BEGIN Listed entries

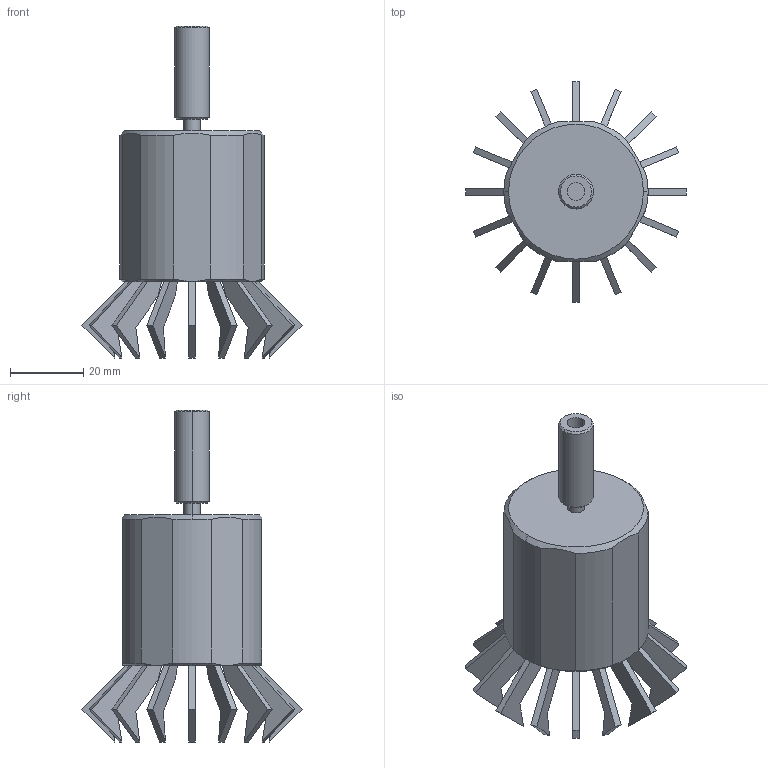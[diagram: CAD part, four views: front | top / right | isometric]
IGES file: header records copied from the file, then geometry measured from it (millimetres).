
Global section: file name: No Iges File Name specified; native system: Autodesk Inventor 2010; preprocessor: AutoDesk Inventor Iges Exporter R2010; author: mlampen; date: 20170419.142947; units: inch
Bounding box: 60.11 x 60.11 x 90.63 mm (x, y, z)
Volume: 30475.9 mm3; surface area: 30382.5 mm2
Topology: 23 solids, 23 shells, 509 faces, 1370 edges, 910 vertices
Faces by surface type: plane 305, cylinder 110, revolution 80, cone 8, torus 6
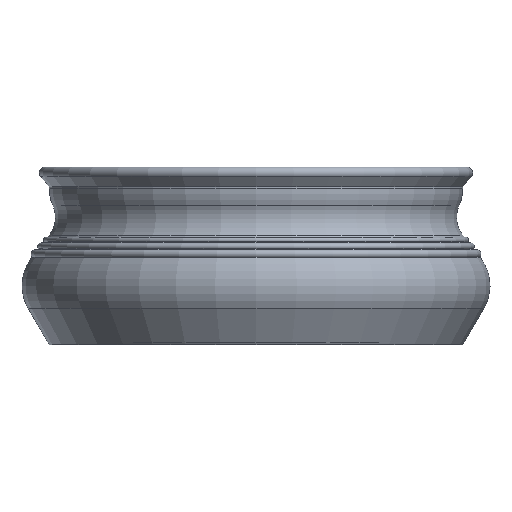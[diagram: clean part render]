
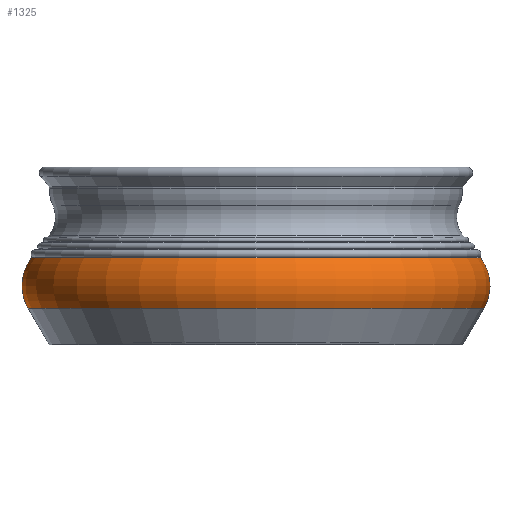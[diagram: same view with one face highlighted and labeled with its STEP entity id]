
A CAD part, front view. The second image highlights one B-rep face of the part: STEP entity #1325.
In plain terms, the highlighted toroidal (fillet/blend) face has major radius 159.261 mm and minor radius 38.099 mm.
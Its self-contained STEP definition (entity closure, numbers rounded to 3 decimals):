
#22=TOROIDAL_SURFACE('',#1505,159.261,38.099);
#166=FACE_OUTER_BOUND('',#284,.T.);
#284=EDGE_LOOP('',(#1208,#1209,#1210,#1211));
#526=CIRCLE('',#1467,192.243);
#549=CIRCLE('',#1506,189.249);
#550=CIRCLE('',#1507,38.099);
#653=VERTEX_POINT('',#2240);
#669=VERTEX_POINT('',#2303);
#818=EDGE_CURVE('',#653,#653,#526,.T.);
#849=EDGE_CURVE('',#669,#669,#549,.T.);
#850=EDGE_CURVE('',#669,#653,#550,.T.);
#1208=ORIENTED_EDGE('',*,*,#849,.F.);
#1209=ORIENTED_EDGE('',*,*,#850,.T.);
#1210=ORIENTED_EDGE('',*,*,#818,.T.);
#1211=ORIENTED_EDGE('',*,*,#850,.F.);
#1325=ADVANCED_FACE('',(#166),#22,.T.);
#1467=AXIS2_PLACEMENT_3D('',#2241,#1837,#1838);
#1505=AXIS2_PLACEMENT_3D('',#2302,#1921,#1922);
#1506=AXIS2_PLACEMENT_3D('',#2304,#1923,#1924);
#1507=AXIS2_PLACEMENT_3D('',#2305,#1925,#1926);
#1837=DIRECTION('center_axis',(0.,0.,1.));
#1838=DIRECTION('ref_axis',(1.,0.,0.));
#1921=DIRECTION('center_axis',(0.,0.,1.));
#1922=DIRECTION('ref_axis',(1.,0.,0.));
#1923=DIRECTION('center_axis',(0.,0.,1.));
#1924=DIRECTION('ref_axis',(1.,0.,0.));
#1925=DIRECTION('center_axis',(0.,-1.,0.));
#1926=DIRECTION('ref_axis',(-1.,0.,0.));
#2240=CARTESIAN_POINT('',(-192.243,0.,30.929));
#2241=CARTESIAN_POINT('Origin',(0.,0.,30.929));
#2302=CARTESIAN_POINT('Origin',(0.,0.,50.));
#2303=CARTESIAN_POINT('',(-189.249,0.,73.5));
#2304=CARTESIAN_POINT('Origin',(0.,0.,73.5));
#2305=CARTESIAN_POINT('Origin',(-159.261,0.,
50.));
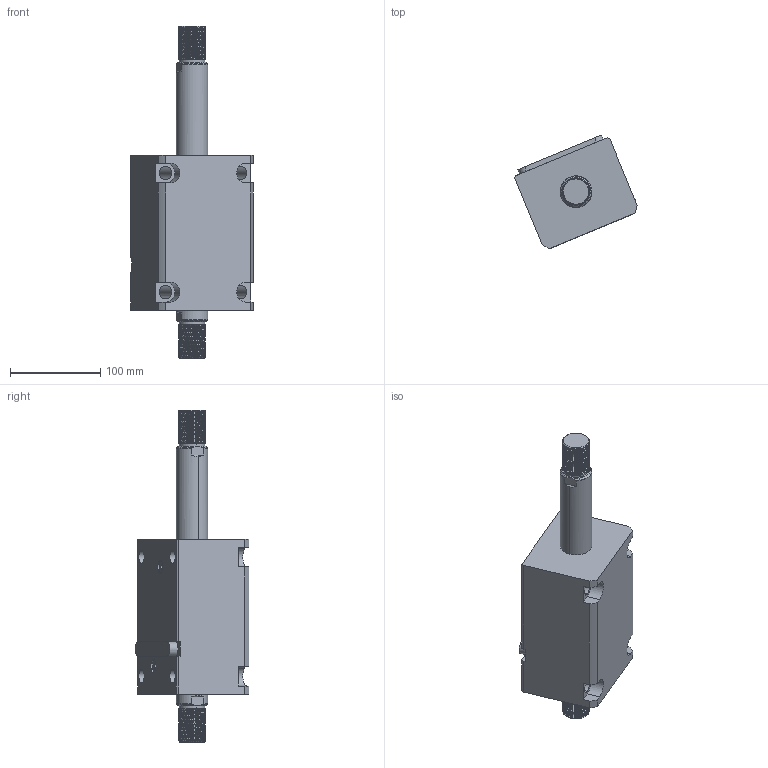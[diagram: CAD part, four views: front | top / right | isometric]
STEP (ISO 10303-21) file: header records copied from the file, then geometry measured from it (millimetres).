
FILE_DESCRIPTION (( 'STEP AP214' ), '1' );
FILE_NAME ('chtb-lwm63x90w_asm.STEP', '2018-05-22T02:01:17', ( 'Windows' ), ( 'Microsoft' ), 'SwSTEP 2.0', 'SolidWorks 2015', '' );
FILE_SCHEMA (( 'AUTOMOTIVE_DESIGN' ));
Length unit declared in the file: millimetre
Products named in the file (5): chtb-lwm63x90w_asm; CHTB-LA63PJ; CHTB-SW63X90WHSG; CHTB-LWM63X90NBT; CHTB-63QG
Assembly tree (4 placements, depth 2):
  chtb-lwm63x90w_asm
    CHTB-63QG
    CHTB-LWM63X90NBT
    CHTB-SW63X90WHSG
    CHTB-LA63PJ
Bounding box: 135.77 x 126.06 x 368 mm (x, y, z)
Volume: 1637089.2 mm3; surface area: 212821.4 mm2
Topology: 4 solids, 4 shells, 298 faces, 869 edges, 587 vertices
Faces by surface type: cylinder 203, plane 55, bspline 16, cone 12, torus 12
Entity records: 27660 total; most frequent: CARTESIAN_POINT 20506, ORIENTED_EDGE 1730, DIRECTION 1186, EDGE_CURVE 865, VERTEX_POINT 587, AXIS2_PLACEMENT_3D 440, EDGE_LOOP 326, VECTOR 306

END Listed entries

What the task requires → Above are the records; reproduce them exactly and leave out the pictures.

Written solution →
[diagram: CAD part, four views: front | top / right | isometric]
IGES file: header records copied from the file, then geometry measured from it (millimetres).
Global section: file name: No Iges File Name specified; native system: Autodesk Inventor 2010; preprocessor: AutoDesk Inventor Iges Exporter R2010; author: mlampen; date: 20170419.142947; units: inch
Bounding box: 60.11 x 60.11 x 90.63 mm (x, y, z)
Volume: 30475.9 mm3; surface area: 30382.5 mm2
Topology: 23 solids, 23 shells, 509 faces, 1370 edges, 910 vertices
Faces by surface type: plane 305, cylinder 110, revolution 80, cone 8, torus 6
[diagram: clean part render]
[diagram: same view with one face highlighted and labeled with its STEP entity id]
A CAD part, front view. The second image highlights one B-rep face of the part: STEP entity #1325.
In plain terms, the highlighted toroidal (fillet/blend) face has major radius 159.261 mm and minor radius 38.099 mm.
Its self-contained STEP definition (entity closure, numbers rounded to 3 decimals):
#22=TOROIDAL_SURFACE('',#1505,159.261,38.099);
#166=FACE_OUTER_BOUND('',#284,.T.);
#284=EDGE_LOOP('',(#1208,#1209,#1210,#1211));
#526=CIRCLE('',#1467,192.243);
#549=CIRCLE('',#1506,189.249);
#550=CIRCLE('',#1507,38.099);
#653=VERTEX_POINT('',#2240);
#669=VERTEX_POINT('',#2303);
#818=EDGE_CURVE('',#653,#653,#526,.T.);
#849=EDGE_CURVE('',#669,#669,#549,.T.);
#850=EDGE_CURVE('',#669,#653,#550,.T.);
#1208=ORIENTED_EDGE('',*,*,#849,.F.);
#1209=ORIENTED_EDGE('',*,*,#850,.T.);
#1210=ORIENTED_EDGE('',*,*,#818,.T.);
#1211=ORIENTED_EDGE('',*,*,#850,.F.);
#1325=ADVANCED_FACE('',(#166),#22,.T.);
#1467=AXIS2_PLACEMENT_3D('',#2241,#1837,#1838);
#1505=AXIS2_PLACEMENT_3D('',#2302,#1921,#1922);
#1506=AXIS2_PLACEMENT_3D('',#2304,#1923,#1924);
#1507=AXIS2_PLACEMENT_3D('',#2305,#1925,#1926);
#1837=DIRECTION('center_axis',(0.,0.,1.));
#1838=DIRECTION('ref_axis',(1.,0.,0.));
#1921=DIRECTION('center_axis',(0.,0.,1.));
#1922=DIRECTION('ref_axis',(1.,0.,0.));
#1923=DIRECTION('center_axis',(0.,0.,1.));
#1924=DIRECTION('ref_axis',(1.,0.,0.));
#1925=DIRECTION('center_axis',(0.,-1.,0.));
#1926=DIRECTION('ref_axis',(-1.,0.,0.));
#2240=CARTESIAN_POINT('',(-192.243,0.,30.929));
#2241=CARTESIAN_POINT('Origin',(0.,0.,30.929));
#2302=CARTESIAN_POINT('Origin',(0.,0.,50.));
#2303=CARTESIAN_POINT('',(-189.249,0.,73.5));
#2304=CARTESIAN_POINT('Origin',(0.,0.,73.5));
#2305=CARTESIAN_POINT('Origin',(-159.261,0.,
50.));
[diagram: CAD part, four views: front | top / right | isometric]
STEP (ISO 10303-21) file: header records copied from the file, then geometry measured from it (millimetres).
FILE_DESCRIPTION (( 'STEP AP214' ), '1' );
FILE_NAME ('chtb-lwm63x90w_asm.STEP', '2018-05-22T02:01:17', ( 'Windows' ), ( 'Microsoft' ), 'SwSTEP 2.0', 'SolidWorks 2015', '' );
FILE_SCHEMA (( 'AUTOMOTIVE_DESIGN' ));
Length unit declared in the file: millimetre
Products named in the file (5): chtb-lwm63x90w_asm; CHTB-LA63PJ; CHTB-SW63X90WHSG; CHTB-LWM63X90NBT; CHTB-63QG
Assembly tree (4 placements, depth 2):
  chtb-lwm63x90w_asm
    CHTB-63QG
    CHTB-LWM63X90NBT
    CHTB-SW63X90WHSG
    CHTB-LA63PJ
Bounding box: 135.77 x 126.06 x 368 mm (x, y, z)
Volume: 1637089.2 mm3; surface area: 212821.4 mm2
Topology: 4 solids, 4 shells, 298 faces, 869 edges, 587 vertices
Faces by surface type: cylinder 203, plane 55, bspline 16, cone 12, torus 12
Entity records: 27660 total; most frequent: CARTESIAN_POINT 20506, ORIENTED_EDGE 1730, DIRECTION 1186, EDGE_CURVE 865, VERTEX_POINT 587, AXIS2_PLACEMENT_3D 440, EDGE_LOOP 326, VECTOR 306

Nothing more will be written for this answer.